### About this exercise
Look through the entries that follow and count the lines with the word "ezdxf". The reply is that number alone.

(Extracted data entries)

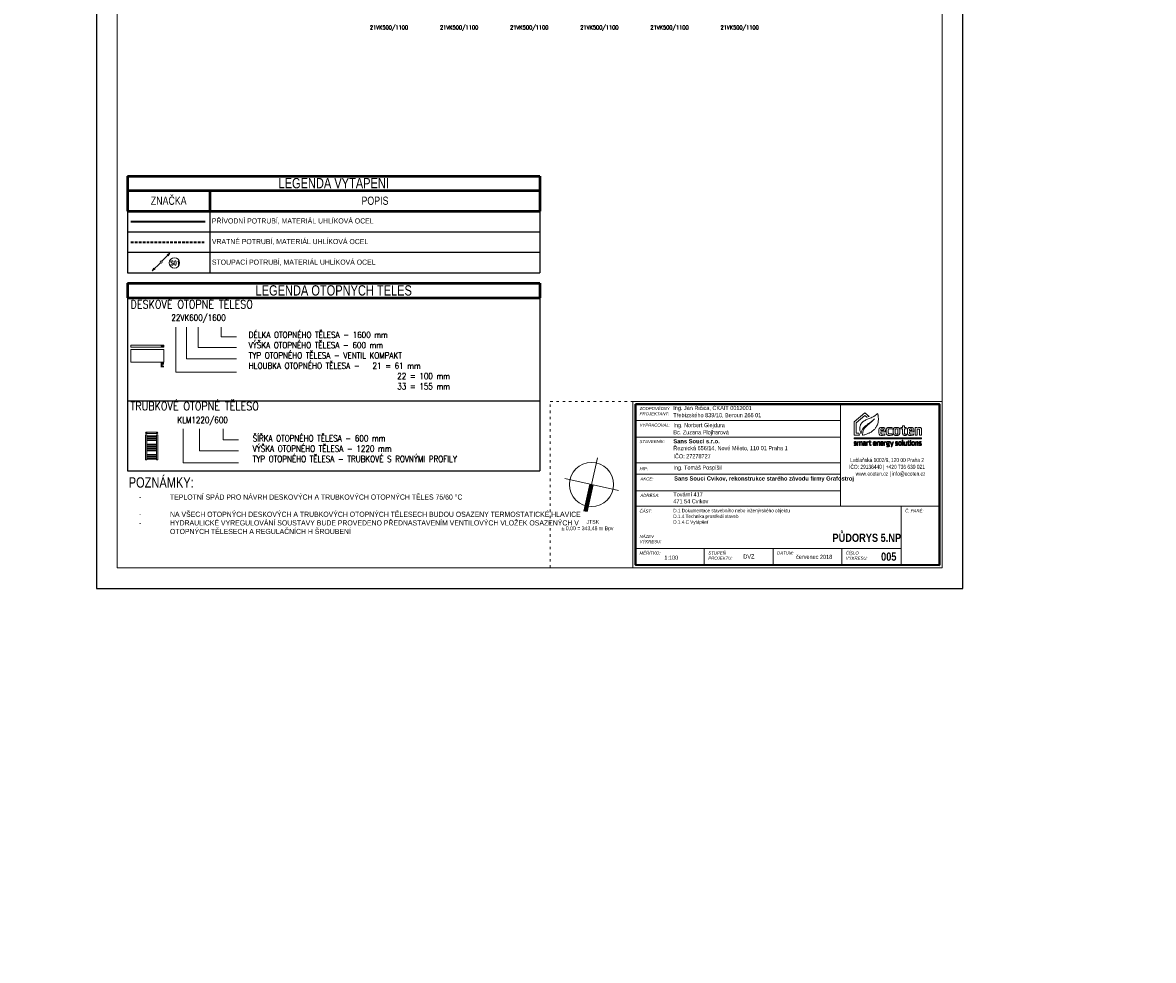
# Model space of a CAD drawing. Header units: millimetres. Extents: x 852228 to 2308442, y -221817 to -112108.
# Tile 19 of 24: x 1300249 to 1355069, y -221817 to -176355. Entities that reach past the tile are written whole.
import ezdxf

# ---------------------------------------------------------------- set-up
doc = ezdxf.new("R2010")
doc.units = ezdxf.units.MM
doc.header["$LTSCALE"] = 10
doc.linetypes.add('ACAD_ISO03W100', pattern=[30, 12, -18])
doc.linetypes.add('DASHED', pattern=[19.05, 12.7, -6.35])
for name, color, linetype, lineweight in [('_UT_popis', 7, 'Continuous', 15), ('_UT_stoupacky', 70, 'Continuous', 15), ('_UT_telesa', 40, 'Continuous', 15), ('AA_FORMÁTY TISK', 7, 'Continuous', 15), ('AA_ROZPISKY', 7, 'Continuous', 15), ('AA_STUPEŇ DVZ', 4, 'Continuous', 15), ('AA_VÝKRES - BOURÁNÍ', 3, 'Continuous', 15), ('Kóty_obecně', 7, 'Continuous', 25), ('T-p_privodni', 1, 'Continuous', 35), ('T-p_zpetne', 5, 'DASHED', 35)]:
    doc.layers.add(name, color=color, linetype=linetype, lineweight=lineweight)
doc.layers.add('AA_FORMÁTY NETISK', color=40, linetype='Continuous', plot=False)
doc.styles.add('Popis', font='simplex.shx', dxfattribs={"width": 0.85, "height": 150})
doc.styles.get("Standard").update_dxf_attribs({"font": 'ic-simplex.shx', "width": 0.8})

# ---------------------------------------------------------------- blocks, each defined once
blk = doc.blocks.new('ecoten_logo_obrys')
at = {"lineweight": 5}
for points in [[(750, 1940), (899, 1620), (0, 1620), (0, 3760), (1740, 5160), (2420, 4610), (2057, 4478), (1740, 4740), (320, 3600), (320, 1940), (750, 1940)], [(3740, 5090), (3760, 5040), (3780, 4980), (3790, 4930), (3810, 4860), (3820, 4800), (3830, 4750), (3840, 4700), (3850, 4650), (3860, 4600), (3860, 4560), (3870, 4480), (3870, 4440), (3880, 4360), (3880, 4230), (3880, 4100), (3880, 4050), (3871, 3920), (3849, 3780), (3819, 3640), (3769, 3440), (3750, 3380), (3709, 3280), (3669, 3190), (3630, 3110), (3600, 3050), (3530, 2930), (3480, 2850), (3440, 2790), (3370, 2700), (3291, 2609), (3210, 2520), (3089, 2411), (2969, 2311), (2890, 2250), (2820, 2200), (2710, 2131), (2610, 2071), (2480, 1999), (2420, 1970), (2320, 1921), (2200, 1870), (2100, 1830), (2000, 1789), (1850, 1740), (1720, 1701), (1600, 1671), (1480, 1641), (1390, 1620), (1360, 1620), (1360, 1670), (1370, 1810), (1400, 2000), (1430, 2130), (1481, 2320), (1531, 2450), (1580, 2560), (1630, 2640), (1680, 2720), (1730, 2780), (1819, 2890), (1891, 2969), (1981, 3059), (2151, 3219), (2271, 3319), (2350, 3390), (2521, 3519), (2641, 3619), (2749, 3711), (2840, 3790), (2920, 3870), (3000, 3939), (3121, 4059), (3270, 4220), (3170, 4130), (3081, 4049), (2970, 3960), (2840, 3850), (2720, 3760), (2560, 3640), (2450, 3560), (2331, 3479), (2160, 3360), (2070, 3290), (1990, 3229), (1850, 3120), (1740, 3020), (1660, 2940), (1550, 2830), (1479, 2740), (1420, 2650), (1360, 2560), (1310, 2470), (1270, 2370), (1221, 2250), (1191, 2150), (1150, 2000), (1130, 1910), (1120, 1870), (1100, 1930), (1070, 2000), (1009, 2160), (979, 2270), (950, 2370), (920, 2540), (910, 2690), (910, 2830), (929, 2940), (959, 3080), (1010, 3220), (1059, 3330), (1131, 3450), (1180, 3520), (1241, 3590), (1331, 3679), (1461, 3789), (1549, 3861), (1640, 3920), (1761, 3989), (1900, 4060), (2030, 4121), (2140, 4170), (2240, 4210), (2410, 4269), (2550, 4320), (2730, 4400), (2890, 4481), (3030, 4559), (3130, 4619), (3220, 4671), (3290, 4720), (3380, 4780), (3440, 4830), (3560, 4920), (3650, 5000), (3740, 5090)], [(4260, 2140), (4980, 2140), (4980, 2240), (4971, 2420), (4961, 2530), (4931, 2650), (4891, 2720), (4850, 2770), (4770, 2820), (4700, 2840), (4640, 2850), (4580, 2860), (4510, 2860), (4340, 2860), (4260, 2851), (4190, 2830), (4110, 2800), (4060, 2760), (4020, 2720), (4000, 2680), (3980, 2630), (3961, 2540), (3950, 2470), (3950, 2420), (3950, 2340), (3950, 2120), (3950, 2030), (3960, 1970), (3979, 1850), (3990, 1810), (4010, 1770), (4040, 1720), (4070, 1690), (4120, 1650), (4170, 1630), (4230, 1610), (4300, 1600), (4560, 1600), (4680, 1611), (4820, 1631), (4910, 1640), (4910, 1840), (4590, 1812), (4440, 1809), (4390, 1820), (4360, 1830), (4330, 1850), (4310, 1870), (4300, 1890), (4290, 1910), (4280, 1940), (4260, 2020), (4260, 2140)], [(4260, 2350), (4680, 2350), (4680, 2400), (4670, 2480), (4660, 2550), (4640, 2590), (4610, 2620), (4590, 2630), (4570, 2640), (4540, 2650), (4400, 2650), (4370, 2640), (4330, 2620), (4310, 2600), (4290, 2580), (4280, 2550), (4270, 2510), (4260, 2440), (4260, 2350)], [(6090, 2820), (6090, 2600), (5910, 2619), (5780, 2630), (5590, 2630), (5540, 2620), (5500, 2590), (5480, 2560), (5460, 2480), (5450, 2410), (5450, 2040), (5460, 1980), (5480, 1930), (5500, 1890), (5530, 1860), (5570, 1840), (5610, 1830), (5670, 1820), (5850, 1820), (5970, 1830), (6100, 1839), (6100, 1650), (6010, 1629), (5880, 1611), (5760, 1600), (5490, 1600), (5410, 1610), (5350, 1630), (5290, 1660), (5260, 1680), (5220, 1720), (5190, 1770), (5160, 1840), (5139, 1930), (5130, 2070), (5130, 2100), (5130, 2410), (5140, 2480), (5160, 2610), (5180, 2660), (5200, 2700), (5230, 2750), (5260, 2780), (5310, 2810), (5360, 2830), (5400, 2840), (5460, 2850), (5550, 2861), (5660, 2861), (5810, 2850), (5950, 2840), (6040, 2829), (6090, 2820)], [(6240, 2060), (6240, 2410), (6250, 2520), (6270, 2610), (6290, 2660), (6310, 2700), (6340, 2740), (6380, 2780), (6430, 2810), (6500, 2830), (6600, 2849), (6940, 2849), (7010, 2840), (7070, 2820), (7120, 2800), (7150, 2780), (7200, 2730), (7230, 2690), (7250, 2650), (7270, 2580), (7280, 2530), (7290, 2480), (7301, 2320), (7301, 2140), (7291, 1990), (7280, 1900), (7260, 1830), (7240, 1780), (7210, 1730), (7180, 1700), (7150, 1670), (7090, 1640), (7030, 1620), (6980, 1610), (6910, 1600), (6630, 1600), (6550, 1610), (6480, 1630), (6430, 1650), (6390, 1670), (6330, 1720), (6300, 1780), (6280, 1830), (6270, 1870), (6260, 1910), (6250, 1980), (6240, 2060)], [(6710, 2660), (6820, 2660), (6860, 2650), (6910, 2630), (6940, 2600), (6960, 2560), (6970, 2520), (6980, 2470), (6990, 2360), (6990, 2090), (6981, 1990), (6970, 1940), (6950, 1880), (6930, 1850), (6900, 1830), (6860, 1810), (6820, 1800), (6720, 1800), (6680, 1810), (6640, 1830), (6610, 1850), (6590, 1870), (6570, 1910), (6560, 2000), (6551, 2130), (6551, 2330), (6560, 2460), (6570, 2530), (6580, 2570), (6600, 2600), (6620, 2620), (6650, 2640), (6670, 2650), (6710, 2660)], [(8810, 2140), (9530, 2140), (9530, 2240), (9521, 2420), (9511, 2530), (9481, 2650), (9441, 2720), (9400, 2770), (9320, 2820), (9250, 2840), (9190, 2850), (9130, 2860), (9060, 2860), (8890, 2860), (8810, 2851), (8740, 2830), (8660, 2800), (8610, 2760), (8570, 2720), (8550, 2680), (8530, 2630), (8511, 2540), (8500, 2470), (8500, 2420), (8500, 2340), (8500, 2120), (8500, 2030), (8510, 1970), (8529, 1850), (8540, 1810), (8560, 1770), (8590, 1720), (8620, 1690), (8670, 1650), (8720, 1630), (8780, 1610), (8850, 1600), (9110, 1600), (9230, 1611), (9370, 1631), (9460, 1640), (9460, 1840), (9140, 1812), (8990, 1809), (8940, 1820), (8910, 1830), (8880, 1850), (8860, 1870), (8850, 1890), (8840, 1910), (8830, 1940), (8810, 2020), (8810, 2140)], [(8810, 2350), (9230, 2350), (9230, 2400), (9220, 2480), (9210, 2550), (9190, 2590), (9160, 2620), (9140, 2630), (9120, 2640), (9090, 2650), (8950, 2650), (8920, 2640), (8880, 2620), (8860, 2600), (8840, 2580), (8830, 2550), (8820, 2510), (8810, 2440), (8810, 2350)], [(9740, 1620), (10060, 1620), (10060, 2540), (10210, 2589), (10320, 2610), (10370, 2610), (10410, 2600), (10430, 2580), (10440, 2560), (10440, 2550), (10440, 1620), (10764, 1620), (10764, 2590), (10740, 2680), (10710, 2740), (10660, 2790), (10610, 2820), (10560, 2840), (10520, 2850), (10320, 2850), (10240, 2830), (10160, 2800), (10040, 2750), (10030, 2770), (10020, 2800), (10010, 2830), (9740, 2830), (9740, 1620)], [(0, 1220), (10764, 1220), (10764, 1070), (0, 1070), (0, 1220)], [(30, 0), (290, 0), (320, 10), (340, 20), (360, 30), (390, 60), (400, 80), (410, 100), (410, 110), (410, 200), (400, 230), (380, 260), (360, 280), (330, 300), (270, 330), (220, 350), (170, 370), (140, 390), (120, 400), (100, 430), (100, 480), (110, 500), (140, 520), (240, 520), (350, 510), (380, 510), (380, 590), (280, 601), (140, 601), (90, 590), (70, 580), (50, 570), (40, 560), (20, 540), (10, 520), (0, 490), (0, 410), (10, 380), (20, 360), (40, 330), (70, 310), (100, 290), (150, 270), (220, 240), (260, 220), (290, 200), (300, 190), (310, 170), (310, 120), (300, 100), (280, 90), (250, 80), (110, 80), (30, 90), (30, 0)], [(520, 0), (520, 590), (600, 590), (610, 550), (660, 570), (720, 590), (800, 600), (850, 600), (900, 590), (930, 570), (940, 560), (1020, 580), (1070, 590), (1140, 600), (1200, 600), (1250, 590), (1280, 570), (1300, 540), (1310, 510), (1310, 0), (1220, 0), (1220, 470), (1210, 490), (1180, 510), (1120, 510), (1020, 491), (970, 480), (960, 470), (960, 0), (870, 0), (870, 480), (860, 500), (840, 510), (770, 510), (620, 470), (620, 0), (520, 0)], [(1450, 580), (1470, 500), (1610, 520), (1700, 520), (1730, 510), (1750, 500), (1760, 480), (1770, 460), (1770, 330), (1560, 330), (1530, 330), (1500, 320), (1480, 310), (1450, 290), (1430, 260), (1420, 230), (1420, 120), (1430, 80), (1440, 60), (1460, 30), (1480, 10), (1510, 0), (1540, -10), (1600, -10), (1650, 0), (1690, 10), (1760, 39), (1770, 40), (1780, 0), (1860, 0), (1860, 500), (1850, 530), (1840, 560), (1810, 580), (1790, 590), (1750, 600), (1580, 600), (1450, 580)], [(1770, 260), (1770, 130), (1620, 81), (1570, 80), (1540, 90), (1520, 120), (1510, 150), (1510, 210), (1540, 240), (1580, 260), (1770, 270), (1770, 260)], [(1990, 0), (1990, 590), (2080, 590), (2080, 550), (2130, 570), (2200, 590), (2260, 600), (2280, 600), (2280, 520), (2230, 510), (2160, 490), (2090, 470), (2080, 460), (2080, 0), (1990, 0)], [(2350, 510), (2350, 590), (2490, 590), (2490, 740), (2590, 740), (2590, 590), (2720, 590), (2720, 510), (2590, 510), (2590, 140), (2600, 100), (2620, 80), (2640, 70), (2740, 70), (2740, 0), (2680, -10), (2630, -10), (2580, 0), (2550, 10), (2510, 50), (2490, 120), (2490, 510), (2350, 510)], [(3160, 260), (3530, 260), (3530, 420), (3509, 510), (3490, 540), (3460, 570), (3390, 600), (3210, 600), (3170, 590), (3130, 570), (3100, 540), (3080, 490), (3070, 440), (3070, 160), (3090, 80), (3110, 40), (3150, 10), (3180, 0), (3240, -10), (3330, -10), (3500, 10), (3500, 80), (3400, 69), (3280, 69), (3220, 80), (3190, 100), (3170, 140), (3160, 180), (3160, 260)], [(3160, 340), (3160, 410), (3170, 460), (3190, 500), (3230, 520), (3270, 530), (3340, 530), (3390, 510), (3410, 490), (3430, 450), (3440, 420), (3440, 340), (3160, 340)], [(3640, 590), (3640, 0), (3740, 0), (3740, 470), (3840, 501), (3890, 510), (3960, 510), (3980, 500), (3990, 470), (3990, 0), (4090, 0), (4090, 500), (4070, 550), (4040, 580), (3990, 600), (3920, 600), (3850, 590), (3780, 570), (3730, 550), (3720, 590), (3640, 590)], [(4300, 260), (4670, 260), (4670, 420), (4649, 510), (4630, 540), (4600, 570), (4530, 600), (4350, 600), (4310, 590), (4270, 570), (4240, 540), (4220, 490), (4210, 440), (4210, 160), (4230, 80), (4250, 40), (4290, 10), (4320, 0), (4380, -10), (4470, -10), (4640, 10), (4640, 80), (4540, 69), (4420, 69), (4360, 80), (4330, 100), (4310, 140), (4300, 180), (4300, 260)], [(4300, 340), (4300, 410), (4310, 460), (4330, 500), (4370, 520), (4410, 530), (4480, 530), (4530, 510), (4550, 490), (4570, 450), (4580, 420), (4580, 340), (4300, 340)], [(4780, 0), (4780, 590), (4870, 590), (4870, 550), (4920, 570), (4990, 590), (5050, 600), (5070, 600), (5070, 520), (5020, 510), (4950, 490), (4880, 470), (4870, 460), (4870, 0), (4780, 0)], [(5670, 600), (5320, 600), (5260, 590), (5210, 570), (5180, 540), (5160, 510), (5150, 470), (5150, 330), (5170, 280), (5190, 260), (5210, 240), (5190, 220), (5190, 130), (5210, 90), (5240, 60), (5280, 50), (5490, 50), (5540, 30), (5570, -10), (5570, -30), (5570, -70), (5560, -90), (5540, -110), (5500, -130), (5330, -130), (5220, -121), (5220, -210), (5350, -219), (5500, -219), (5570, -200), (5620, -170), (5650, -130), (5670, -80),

### Output of the exercise
3